** TASK ITEM **
Gather all lines in the data that hold the string "Starter".

(Source records)
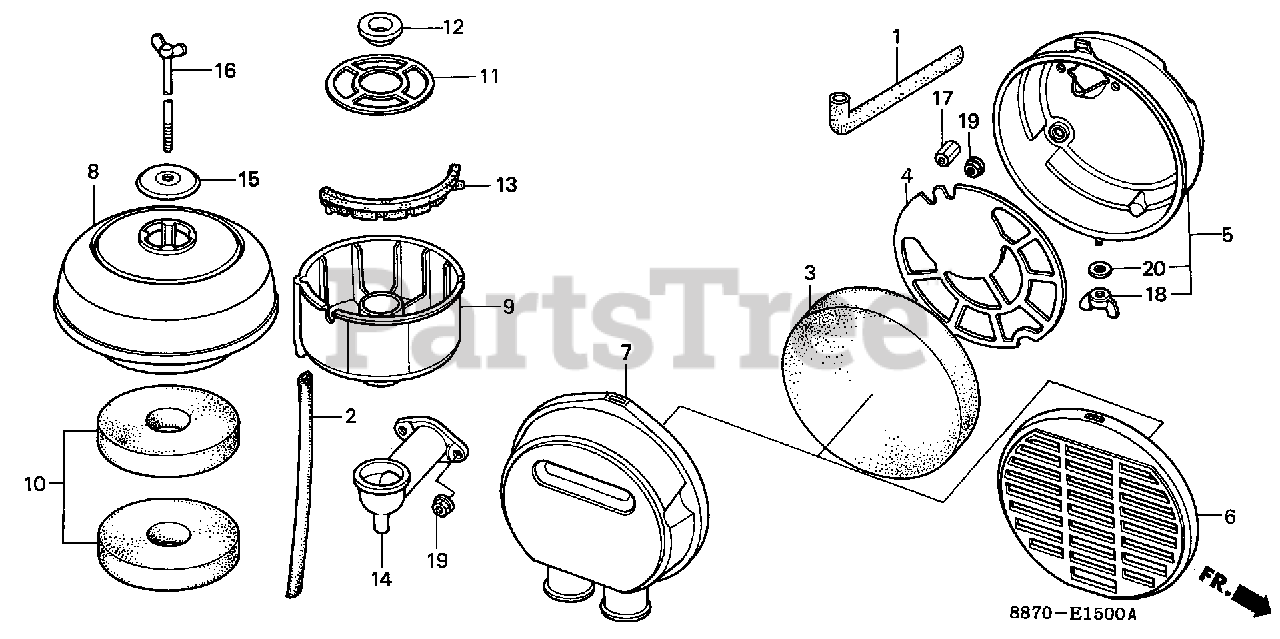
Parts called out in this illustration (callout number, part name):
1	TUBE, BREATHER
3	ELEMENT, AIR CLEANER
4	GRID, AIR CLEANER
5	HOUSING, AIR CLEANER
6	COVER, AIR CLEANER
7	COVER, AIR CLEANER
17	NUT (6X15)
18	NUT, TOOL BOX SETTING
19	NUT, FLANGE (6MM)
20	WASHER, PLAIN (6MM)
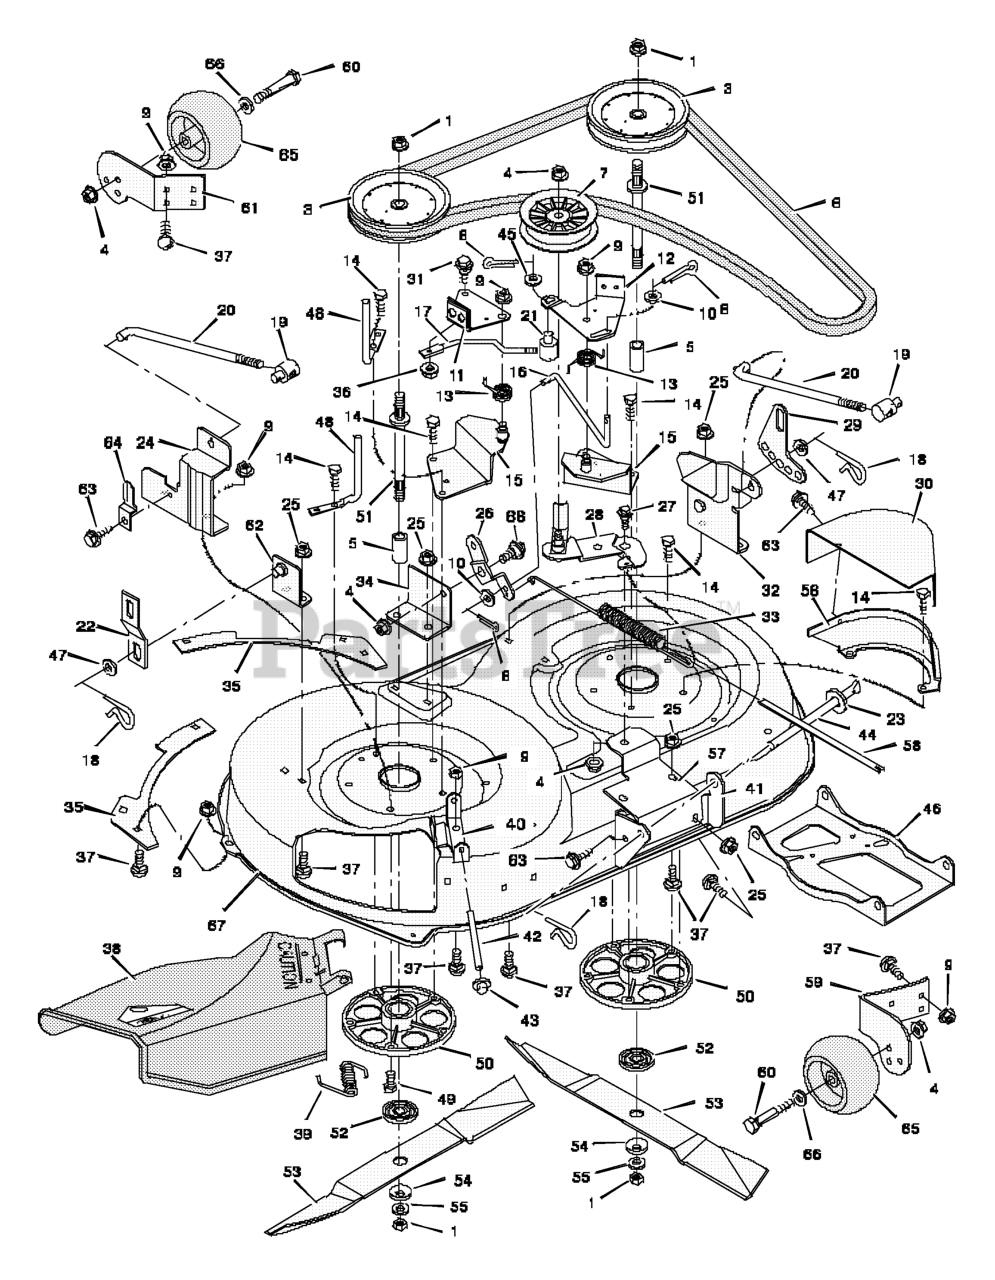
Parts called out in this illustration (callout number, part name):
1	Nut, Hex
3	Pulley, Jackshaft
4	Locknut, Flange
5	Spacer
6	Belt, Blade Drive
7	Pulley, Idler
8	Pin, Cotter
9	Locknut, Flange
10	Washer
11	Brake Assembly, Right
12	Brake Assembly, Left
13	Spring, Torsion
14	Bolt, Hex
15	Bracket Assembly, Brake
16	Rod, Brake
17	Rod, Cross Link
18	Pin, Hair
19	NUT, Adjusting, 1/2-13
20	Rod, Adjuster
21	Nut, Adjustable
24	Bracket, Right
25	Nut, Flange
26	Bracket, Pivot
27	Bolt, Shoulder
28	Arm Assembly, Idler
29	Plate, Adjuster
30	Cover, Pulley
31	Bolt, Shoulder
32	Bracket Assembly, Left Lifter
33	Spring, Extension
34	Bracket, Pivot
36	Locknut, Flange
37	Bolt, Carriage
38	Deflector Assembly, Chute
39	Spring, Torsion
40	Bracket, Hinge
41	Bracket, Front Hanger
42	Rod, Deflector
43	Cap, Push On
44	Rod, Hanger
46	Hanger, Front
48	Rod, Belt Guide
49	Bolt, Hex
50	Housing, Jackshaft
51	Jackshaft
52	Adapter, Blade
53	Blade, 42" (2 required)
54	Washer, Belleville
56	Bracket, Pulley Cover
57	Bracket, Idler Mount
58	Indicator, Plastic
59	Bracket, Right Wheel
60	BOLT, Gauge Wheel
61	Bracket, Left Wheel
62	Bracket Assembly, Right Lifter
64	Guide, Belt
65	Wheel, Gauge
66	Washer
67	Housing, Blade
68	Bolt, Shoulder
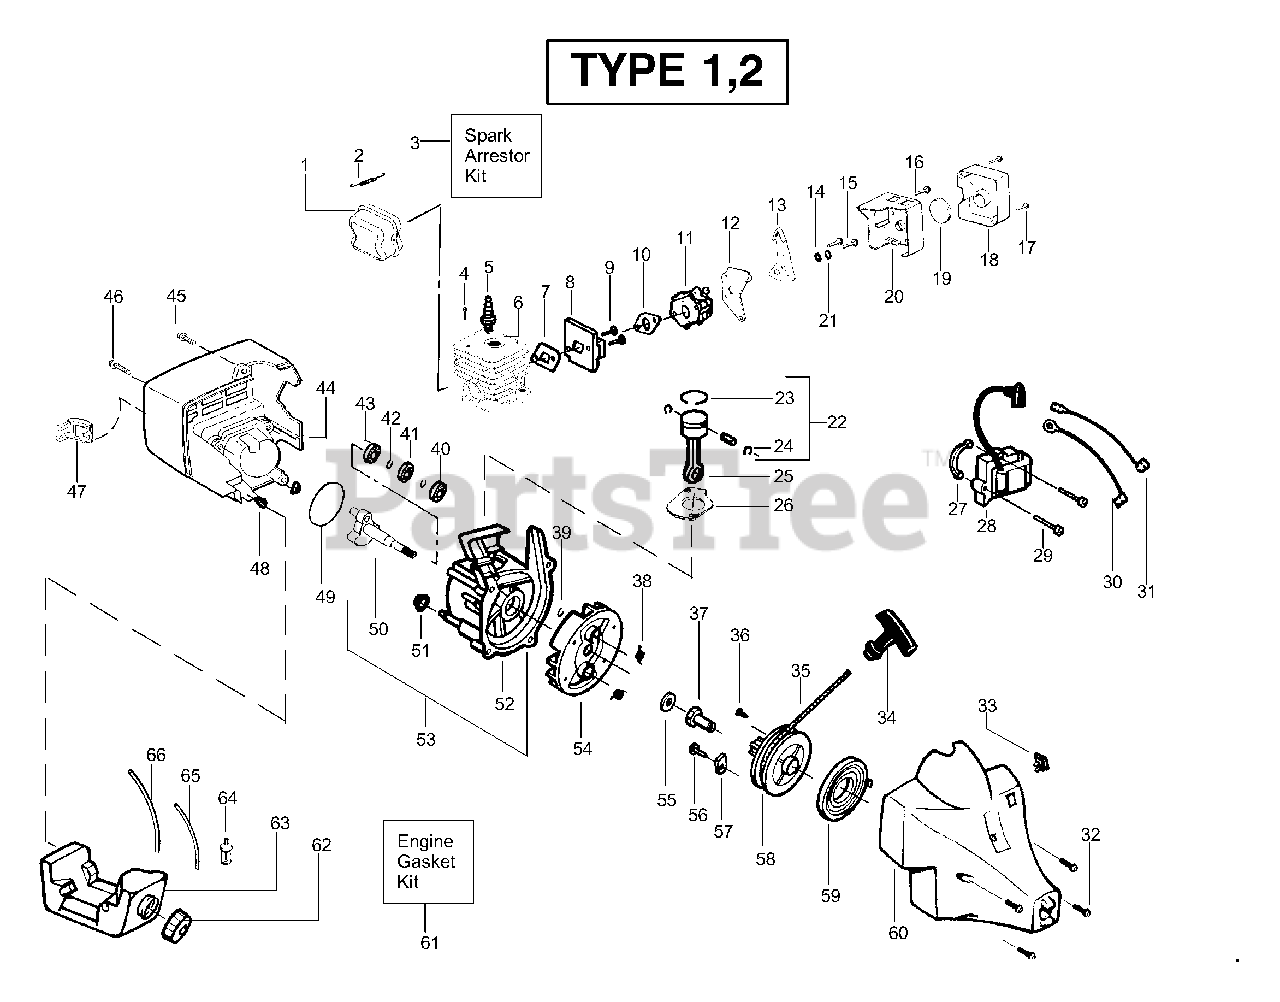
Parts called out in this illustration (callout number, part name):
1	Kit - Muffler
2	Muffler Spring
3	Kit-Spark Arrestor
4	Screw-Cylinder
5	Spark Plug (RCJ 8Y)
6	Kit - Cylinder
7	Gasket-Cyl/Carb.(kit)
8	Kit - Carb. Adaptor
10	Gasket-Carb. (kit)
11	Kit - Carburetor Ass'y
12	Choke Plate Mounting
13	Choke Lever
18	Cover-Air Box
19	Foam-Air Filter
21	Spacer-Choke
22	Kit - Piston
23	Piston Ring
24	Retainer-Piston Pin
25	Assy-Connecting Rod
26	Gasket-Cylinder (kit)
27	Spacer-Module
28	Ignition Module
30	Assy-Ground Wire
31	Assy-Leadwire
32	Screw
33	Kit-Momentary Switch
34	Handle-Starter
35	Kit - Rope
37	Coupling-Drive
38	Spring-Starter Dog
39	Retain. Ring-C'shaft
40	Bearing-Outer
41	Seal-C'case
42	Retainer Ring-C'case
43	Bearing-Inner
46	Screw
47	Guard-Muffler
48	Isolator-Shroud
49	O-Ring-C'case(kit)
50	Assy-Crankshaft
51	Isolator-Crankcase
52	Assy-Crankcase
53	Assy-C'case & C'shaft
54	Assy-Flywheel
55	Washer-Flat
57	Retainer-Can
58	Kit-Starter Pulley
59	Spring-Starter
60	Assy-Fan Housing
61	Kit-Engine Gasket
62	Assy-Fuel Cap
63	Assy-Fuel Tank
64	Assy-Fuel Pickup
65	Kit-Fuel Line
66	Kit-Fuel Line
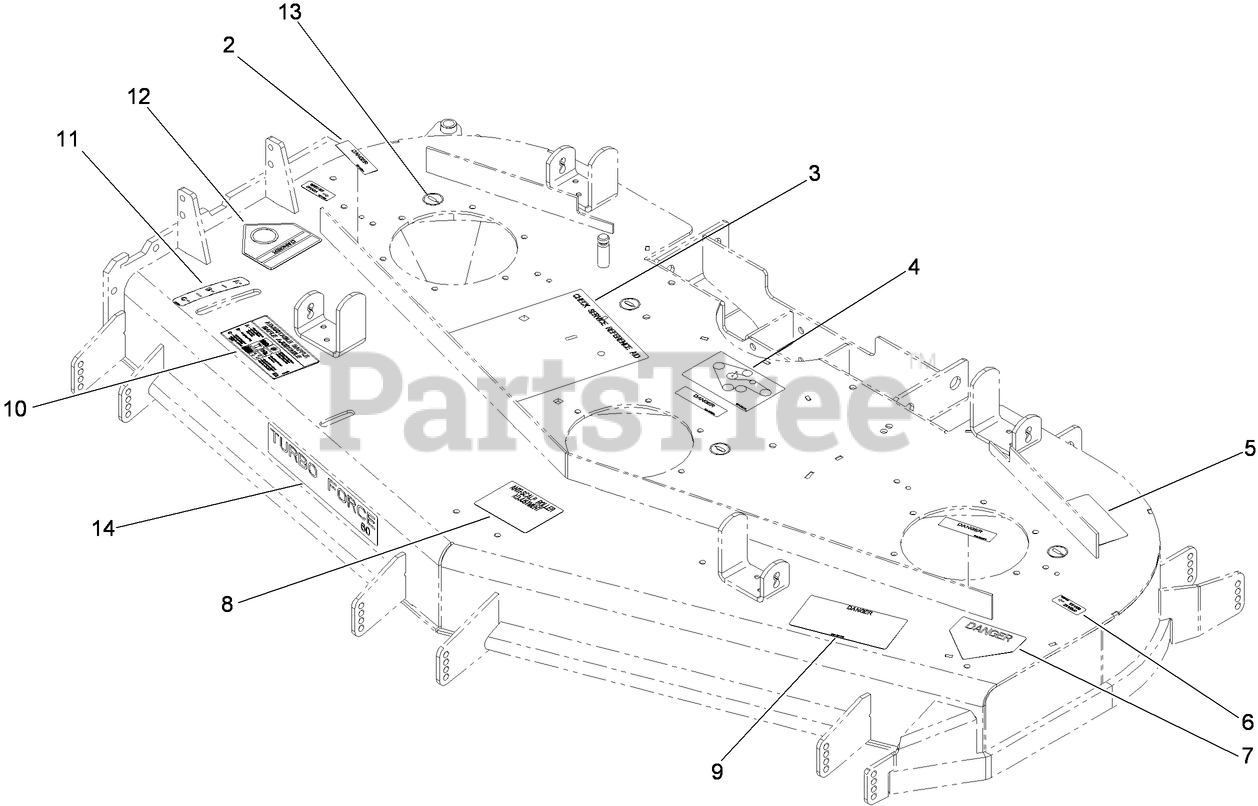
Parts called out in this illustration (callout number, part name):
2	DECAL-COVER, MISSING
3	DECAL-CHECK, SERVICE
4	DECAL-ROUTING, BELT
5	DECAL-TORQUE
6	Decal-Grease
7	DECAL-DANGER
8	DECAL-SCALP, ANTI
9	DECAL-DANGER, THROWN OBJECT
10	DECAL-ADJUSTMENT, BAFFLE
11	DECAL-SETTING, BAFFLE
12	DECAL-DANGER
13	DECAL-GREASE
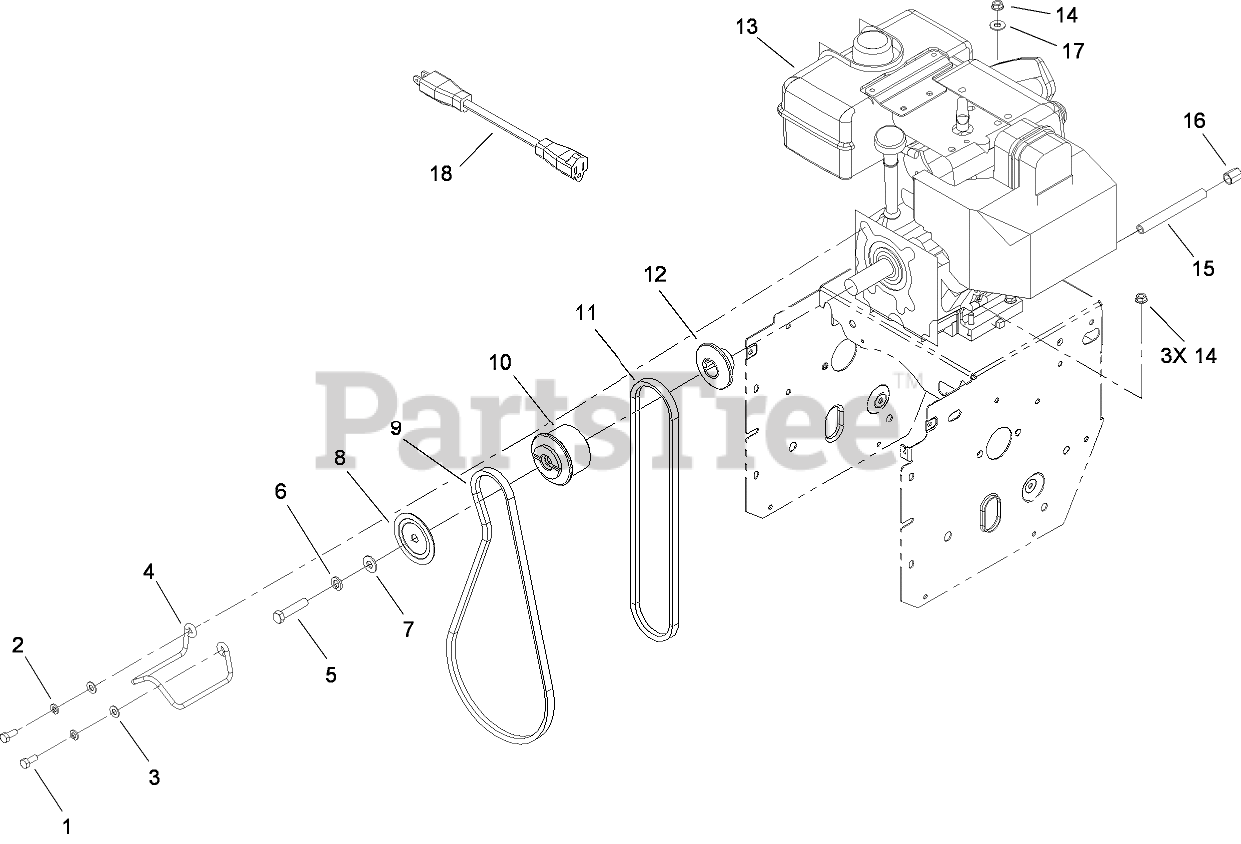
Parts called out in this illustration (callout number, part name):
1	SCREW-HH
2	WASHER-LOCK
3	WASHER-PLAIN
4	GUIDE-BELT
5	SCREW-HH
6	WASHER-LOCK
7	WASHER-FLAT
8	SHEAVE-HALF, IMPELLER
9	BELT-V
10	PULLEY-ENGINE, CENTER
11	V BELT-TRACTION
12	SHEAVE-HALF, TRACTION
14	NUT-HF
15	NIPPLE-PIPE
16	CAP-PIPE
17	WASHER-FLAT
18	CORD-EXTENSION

** FINISHED TASK **
34	Handle-Starter
38	Spring-Starter Dog
58	Kit-Starter Pulley
59	Spring-Starter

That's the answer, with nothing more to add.